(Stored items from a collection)
^^^^
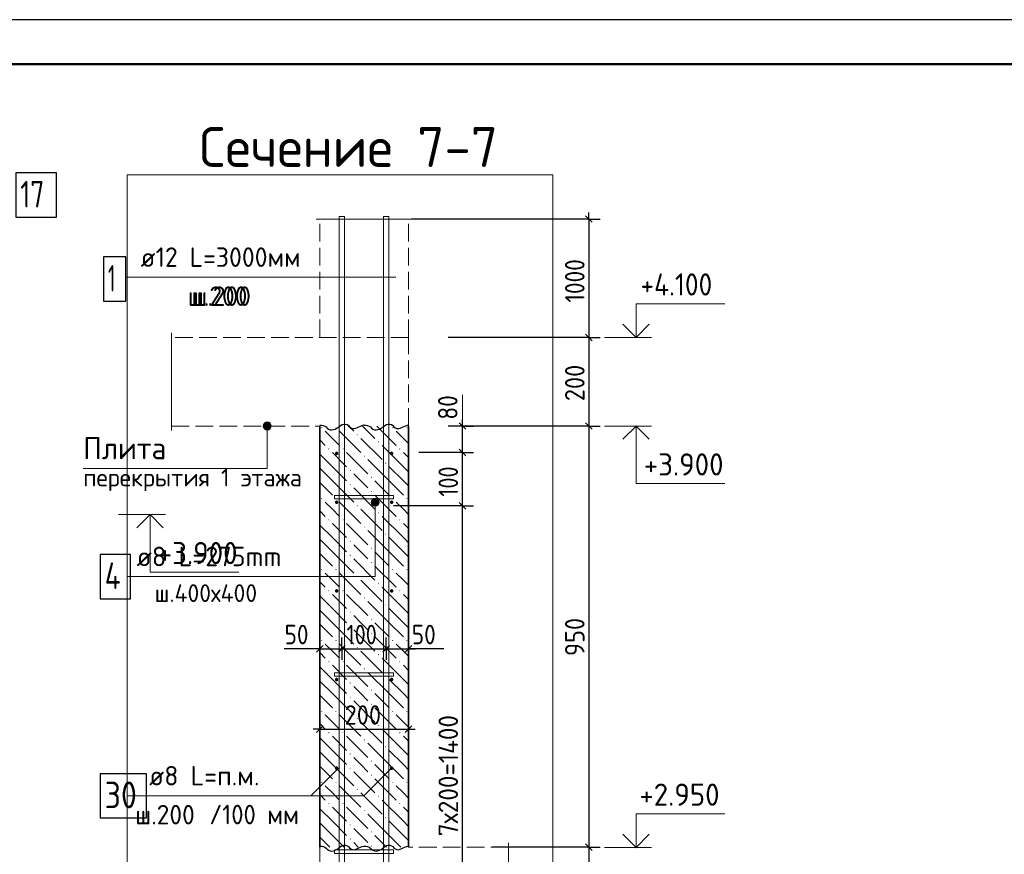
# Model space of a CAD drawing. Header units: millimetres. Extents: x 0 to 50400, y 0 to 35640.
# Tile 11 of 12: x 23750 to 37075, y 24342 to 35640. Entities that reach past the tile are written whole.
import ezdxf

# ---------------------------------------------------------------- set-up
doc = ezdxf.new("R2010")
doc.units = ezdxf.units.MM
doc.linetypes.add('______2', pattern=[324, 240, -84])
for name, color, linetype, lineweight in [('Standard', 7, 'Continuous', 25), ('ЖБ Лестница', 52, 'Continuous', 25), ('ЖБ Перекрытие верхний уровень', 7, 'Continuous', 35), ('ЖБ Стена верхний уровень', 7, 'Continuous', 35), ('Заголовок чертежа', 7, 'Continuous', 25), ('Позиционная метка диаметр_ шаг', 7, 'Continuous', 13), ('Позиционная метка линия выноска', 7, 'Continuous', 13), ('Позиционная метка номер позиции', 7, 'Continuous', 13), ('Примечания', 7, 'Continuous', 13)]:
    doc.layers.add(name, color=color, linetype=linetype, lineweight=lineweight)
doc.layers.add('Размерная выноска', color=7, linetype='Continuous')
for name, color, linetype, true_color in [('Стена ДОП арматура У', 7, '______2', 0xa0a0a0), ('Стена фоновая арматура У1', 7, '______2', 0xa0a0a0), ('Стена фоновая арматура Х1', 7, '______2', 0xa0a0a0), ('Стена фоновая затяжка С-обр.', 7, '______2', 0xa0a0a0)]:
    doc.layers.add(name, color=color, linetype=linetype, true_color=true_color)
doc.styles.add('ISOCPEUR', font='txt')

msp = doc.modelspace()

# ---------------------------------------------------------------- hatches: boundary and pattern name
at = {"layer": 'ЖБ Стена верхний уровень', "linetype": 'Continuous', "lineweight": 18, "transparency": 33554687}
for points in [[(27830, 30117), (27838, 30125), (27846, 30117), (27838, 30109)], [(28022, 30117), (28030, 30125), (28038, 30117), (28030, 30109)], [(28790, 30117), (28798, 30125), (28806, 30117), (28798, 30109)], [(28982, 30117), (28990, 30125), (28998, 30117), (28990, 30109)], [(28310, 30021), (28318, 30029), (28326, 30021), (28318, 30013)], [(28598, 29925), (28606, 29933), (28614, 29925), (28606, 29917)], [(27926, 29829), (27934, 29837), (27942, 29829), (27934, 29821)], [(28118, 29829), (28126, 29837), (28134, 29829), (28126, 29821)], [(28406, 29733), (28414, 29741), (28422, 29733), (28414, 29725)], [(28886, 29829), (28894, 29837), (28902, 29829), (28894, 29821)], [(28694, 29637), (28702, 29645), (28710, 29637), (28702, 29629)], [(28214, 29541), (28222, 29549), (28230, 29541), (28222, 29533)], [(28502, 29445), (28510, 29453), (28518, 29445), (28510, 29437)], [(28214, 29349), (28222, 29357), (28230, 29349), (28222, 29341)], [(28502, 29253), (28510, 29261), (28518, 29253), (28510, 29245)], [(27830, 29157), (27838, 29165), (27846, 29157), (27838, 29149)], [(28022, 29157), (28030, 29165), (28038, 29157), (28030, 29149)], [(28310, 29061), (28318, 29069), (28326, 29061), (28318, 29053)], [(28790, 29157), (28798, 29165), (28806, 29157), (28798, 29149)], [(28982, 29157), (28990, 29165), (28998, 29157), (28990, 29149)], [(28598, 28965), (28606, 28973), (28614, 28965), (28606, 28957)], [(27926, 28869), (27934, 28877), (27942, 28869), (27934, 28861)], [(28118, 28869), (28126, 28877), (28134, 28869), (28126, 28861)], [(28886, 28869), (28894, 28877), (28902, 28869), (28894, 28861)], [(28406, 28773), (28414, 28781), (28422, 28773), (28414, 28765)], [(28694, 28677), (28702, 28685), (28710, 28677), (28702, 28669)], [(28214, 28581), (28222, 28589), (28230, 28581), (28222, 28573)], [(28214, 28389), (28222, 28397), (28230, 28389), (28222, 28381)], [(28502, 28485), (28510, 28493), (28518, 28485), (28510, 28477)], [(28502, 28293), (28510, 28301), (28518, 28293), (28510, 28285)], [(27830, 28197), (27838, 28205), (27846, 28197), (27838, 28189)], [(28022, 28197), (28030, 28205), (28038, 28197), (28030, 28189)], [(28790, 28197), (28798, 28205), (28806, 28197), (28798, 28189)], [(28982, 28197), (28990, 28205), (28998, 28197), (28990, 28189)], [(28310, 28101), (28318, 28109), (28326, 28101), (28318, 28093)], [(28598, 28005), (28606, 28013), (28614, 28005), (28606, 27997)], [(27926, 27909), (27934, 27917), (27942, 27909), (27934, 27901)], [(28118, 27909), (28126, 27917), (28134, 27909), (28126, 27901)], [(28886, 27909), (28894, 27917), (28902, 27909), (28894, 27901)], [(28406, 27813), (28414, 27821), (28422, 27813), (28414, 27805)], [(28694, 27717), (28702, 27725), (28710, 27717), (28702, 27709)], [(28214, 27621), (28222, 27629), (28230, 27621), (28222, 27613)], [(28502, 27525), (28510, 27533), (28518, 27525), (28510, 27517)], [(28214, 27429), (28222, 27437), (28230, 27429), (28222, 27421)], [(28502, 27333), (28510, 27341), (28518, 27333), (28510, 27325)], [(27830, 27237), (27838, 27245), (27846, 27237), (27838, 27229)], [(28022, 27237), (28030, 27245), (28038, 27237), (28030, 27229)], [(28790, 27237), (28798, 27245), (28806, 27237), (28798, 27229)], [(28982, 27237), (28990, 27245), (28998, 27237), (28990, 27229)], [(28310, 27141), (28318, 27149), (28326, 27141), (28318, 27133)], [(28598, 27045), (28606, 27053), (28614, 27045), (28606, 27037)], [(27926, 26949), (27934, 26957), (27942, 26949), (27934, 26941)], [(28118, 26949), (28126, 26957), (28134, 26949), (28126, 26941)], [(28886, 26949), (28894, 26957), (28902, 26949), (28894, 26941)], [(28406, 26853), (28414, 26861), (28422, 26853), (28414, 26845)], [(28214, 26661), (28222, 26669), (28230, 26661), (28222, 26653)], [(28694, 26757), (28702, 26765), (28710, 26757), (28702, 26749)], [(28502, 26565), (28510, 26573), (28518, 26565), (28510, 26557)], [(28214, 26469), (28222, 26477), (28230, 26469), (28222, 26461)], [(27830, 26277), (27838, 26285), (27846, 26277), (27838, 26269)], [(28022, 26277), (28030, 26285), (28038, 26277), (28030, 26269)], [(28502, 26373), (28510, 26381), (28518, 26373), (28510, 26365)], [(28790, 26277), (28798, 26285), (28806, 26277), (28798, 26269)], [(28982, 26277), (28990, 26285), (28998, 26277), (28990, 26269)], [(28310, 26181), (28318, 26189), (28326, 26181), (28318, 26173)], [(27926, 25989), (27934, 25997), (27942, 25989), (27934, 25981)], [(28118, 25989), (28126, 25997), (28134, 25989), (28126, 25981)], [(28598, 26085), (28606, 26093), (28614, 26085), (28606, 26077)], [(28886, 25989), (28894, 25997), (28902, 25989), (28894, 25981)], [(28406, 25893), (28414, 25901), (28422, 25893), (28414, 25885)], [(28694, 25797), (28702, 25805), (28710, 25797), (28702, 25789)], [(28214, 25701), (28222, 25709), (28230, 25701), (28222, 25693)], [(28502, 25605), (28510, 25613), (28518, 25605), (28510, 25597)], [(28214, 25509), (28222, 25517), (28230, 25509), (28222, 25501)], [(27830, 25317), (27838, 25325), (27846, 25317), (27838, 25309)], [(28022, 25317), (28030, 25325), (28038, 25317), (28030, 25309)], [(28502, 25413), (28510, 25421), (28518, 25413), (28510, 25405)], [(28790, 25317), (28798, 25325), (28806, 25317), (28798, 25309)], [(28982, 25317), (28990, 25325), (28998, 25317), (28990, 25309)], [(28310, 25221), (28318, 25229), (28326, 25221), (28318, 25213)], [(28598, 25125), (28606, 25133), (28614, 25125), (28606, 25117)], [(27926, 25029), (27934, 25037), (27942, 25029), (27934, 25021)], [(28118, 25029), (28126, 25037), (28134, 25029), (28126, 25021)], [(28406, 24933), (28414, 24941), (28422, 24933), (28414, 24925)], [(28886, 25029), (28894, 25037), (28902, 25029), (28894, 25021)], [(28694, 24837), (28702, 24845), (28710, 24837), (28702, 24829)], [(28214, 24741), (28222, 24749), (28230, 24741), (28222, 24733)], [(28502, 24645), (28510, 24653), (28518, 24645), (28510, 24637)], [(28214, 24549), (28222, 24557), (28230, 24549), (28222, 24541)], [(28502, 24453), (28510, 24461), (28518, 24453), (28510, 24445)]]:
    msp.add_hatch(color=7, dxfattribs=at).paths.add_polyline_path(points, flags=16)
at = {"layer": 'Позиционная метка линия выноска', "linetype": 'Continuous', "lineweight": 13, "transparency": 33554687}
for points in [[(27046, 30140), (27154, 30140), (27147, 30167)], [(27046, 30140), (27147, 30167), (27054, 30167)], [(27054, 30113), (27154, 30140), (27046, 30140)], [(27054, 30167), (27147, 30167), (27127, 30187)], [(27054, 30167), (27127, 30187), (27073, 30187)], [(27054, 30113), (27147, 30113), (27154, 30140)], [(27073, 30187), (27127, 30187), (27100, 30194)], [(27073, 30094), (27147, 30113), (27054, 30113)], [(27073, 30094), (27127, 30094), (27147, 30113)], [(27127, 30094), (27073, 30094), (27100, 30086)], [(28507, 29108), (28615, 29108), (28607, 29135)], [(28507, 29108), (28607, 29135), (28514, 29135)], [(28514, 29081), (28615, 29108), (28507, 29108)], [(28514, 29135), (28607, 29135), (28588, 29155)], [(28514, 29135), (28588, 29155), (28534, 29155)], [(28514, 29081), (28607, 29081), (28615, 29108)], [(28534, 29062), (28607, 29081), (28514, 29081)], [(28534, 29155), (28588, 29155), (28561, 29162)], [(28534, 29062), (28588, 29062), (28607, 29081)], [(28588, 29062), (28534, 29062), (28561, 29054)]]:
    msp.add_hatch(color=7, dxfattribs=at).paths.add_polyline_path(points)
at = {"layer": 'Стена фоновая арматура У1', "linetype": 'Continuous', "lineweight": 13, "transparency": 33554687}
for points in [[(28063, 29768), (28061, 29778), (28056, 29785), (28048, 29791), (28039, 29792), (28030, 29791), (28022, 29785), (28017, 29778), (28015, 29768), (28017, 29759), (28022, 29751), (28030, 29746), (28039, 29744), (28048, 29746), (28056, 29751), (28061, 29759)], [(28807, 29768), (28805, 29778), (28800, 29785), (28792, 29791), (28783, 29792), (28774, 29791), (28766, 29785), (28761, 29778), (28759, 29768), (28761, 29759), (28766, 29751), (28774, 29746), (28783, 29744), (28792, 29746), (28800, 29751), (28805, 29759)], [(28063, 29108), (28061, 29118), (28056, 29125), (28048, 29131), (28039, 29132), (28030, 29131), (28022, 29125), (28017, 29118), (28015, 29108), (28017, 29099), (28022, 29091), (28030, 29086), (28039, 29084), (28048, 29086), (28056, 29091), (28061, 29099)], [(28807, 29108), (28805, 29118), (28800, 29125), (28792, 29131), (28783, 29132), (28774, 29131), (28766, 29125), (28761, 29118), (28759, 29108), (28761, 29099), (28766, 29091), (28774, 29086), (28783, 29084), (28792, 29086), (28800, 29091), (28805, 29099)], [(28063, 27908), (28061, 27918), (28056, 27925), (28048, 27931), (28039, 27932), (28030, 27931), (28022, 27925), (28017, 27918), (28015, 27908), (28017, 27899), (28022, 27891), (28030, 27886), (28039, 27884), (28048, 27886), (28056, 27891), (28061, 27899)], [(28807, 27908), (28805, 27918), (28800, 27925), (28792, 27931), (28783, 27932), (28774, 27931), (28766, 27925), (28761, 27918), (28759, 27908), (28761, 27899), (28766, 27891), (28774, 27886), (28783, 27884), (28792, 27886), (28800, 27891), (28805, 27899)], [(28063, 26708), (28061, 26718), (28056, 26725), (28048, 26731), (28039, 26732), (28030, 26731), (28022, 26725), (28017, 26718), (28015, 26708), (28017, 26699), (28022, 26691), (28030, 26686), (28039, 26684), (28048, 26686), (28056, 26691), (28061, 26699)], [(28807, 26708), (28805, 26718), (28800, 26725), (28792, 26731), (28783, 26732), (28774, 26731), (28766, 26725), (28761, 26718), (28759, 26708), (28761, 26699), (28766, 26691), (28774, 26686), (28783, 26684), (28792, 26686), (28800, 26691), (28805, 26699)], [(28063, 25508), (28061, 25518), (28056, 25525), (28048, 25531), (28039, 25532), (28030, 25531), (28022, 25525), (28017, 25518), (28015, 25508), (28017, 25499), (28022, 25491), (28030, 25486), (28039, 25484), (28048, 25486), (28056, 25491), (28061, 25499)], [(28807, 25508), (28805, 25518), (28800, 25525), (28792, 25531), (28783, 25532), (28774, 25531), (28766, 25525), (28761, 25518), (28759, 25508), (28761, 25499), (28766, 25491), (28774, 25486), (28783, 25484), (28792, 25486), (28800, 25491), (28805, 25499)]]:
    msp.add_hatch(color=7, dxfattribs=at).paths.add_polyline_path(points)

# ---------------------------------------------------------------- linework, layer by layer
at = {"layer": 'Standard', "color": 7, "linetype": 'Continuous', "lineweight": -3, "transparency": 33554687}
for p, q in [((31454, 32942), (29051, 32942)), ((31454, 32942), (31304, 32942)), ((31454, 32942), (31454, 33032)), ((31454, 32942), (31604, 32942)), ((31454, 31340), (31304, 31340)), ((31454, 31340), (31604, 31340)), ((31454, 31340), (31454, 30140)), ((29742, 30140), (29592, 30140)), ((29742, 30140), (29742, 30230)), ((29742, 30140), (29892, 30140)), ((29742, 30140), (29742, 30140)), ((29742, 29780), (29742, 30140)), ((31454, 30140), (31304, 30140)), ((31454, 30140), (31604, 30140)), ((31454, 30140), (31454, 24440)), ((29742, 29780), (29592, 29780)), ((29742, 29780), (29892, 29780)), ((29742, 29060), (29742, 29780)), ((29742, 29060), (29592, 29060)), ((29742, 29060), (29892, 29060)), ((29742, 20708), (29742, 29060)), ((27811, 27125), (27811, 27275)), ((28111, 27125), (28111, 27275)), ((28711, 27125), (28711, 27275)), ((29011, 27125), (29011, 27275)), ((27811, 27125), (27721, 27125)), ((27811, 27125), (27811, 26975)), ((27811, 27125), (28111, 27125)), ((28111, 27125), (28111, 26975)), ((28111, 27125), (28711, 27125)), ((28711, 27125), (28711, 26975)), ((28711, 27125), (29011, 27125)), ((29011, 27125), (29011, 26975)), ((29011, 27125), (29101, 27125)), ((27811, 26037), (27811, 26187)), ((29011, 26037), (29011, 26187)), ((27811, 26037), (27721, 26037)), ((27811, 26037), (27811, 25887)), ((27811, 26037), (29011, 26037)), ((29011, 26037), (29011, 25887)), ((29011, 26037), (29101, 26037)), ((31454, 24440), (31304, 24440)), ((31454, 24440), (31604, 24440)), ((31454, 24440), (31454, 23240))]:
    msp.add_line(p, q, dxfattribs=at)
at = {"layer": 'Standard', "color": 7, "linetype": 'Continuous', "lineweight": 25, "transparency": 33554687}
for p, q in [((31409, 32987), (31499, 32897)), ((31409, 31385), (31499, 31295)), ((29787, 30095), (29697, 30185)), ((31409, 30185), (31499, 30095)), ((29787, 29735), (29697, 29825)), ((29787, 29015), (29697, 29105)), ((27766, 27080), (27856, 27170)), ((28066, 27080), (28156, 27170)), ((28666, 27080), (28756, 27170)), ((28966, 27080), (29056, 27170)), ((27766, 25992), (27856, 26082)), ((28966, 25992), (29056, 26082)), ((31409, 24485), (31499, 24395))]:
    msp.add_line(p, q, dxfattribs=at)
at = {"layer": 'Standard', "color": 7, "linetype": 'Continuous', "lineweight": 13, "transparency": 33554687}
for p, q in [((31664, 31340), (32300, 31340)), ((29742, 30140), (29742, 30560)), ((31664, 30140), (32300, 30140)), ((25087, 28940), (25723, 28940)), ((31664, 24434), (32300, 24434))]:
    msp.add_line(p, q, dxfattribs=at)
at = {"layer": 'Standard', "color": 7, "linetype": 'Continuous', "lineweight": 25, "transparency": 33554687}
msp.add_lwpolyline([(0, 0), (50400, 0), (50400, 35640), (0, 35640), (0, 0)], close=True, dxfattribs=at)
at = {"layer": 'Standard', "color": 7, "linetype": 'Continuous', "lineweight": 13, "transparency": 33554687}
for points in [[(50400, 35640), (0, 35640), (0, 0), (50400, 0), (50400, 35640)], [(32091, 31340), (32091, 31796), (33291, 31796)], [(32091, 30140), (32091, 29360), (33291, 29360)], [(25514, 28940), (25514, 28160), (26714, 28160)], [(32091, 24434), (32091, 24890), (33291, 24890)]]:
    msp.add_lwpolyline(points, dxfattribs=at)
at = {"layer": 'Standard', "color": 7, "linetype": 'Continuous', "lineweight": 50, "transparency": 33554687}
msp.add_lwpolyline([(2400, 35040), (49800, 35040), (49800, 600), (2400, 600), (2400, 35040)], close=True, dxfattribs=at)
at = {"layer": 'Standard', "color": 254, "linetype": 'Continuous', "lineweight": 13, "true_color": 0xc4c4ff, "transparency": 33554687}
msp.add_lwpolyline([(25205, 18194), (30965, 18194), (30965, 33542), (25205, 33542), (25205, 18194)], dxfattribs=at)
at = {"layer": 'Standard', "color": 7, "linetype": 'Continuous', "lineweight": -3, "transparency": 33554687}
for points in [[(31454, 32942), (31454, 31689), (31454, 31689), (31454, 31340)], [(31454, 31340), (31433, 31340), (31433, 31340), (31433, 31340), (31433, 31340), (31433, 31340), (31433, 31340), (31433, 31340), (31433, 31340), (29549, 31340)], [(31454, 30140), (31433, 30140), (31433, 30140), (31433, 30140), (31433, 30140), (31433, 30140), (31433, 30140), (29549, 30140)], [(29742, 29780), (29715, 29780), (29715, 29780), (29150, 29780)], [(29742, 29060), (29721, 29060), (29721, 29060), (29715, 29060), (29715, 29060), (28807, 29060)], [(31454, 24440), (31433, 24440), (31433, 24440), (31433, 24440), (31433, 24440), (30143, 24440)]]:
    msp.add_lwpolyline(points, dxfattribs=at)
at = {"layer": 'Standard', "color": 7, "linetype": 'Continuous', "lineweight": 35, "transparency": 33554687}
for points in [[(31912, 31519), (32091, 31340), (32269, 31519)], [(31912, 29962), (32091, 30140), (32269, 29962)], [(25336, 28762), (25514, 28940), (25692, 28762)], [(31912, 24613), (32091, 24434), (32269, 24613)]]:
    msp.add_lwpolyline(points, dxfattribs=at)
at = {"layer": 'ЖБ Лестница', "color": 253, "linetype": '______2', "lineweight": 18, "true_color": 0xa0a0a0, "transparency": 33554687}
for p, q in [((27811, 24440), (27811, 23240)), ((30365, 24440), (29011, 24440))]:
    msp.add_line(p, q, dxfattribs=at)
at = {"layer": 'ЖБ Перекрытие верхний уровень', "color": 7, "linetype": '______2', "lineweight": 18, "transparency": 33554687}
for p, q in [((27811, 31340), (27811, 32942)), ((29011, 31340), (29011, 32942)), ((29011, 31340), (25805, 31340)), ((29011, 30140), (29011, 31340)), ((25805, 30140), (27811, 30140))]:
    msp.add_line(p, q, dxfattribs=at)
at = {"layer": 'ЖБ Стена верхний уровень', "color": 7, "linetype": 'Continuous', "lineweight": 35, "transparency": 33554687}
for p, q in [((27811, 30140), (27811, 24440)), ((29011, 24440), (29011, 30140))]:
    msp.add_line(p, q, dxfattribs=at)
^^^^
Some lines in the data above hold the string "close". Find and copy each of them.

msp.add_lwpolyline([(0, 0), (50400, 0), (50400, 35640), (0, 35640), (0, 0)], close=True, dxfattribs=at)
msp.add_lwpolyline([(2400, 35040), (49800, 35040), (49800, 600), (2400, 600), (2400, 35040)], close=True, dxfattribs=at)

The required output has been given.